> _What you are asked to do_: Write out the data word for word, taking care that no picture is carried over.

> _Dataset_:

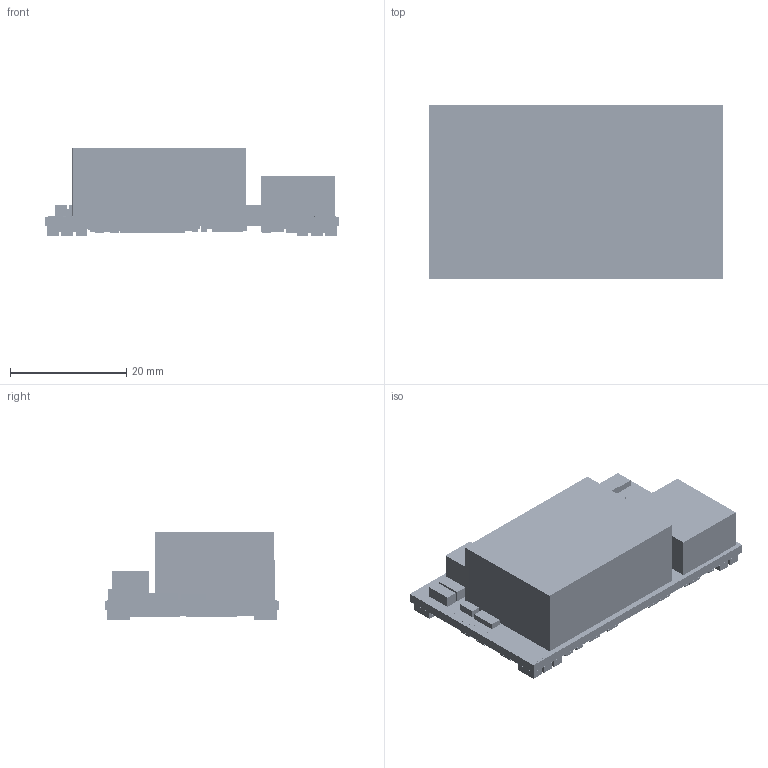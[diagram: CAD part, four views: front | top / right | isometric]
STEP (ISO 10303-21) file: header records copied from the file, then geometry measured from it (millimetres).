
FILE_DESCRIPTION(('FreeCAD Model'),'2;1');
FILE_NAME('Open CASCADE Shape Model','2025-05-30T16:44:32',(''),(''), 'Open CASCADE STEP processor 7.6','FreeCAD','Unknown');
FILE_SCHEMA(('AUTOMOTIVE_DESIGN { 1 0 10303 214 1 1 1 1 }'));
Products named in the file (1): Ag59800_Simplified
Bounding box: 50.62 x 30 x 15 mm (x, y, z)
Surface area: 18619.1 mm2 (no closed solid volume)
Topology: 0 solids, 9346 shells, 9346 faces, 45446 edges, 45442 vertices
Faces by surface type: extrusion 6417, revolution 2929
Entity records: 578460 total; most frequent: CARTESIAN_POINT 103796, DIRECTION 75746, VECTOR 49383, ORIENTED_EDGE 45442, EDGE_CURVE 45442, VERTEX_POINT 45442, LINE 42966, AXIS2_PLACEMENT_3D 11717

> _The completed task_:
[diagram: CAD part, four views: front | top / right | isometric]
STEP (ISO 10303-21) file: header records copied from the file, then geometry measured from it (millimetres).
FILE_DESCRIPTION(('FreeCAD Model'),'2;1');
FILE_NAME('Open CASCADE Shape Model','2025-05-30T16:44:32',(''),(''), 'Open CASCADE STEP processor 7.6','FreeCAD','Unknown');
FILE_SCHEMA(('AUTOMOTIVE_DESIGN { 1 0 10303 214 1 1 1 1 }'));
Products named in the file (1): Ag59800_Simplified
Bounding box: 50.62 x 30 x 15 mm (x, y, z)
Surface area: 18619.1 mm2 (no closed solid volume)
Topology: 0 solids, 9346 shells, 9346 faces, 45446 edges, 45442 vertices
Faces by surface type: extrusion 6417, revolution 2929
Entity records: 578460 total; most frequent: CARTESIAN_POINT 103796, DIRECTION 75746, VECTOR 49383, ORIENTED_EDGE 45442, EDGE_CURVE 45442, VERTEX_POINT 45442, LINE 42966, AXIS2_PLACEMENT_3D 11717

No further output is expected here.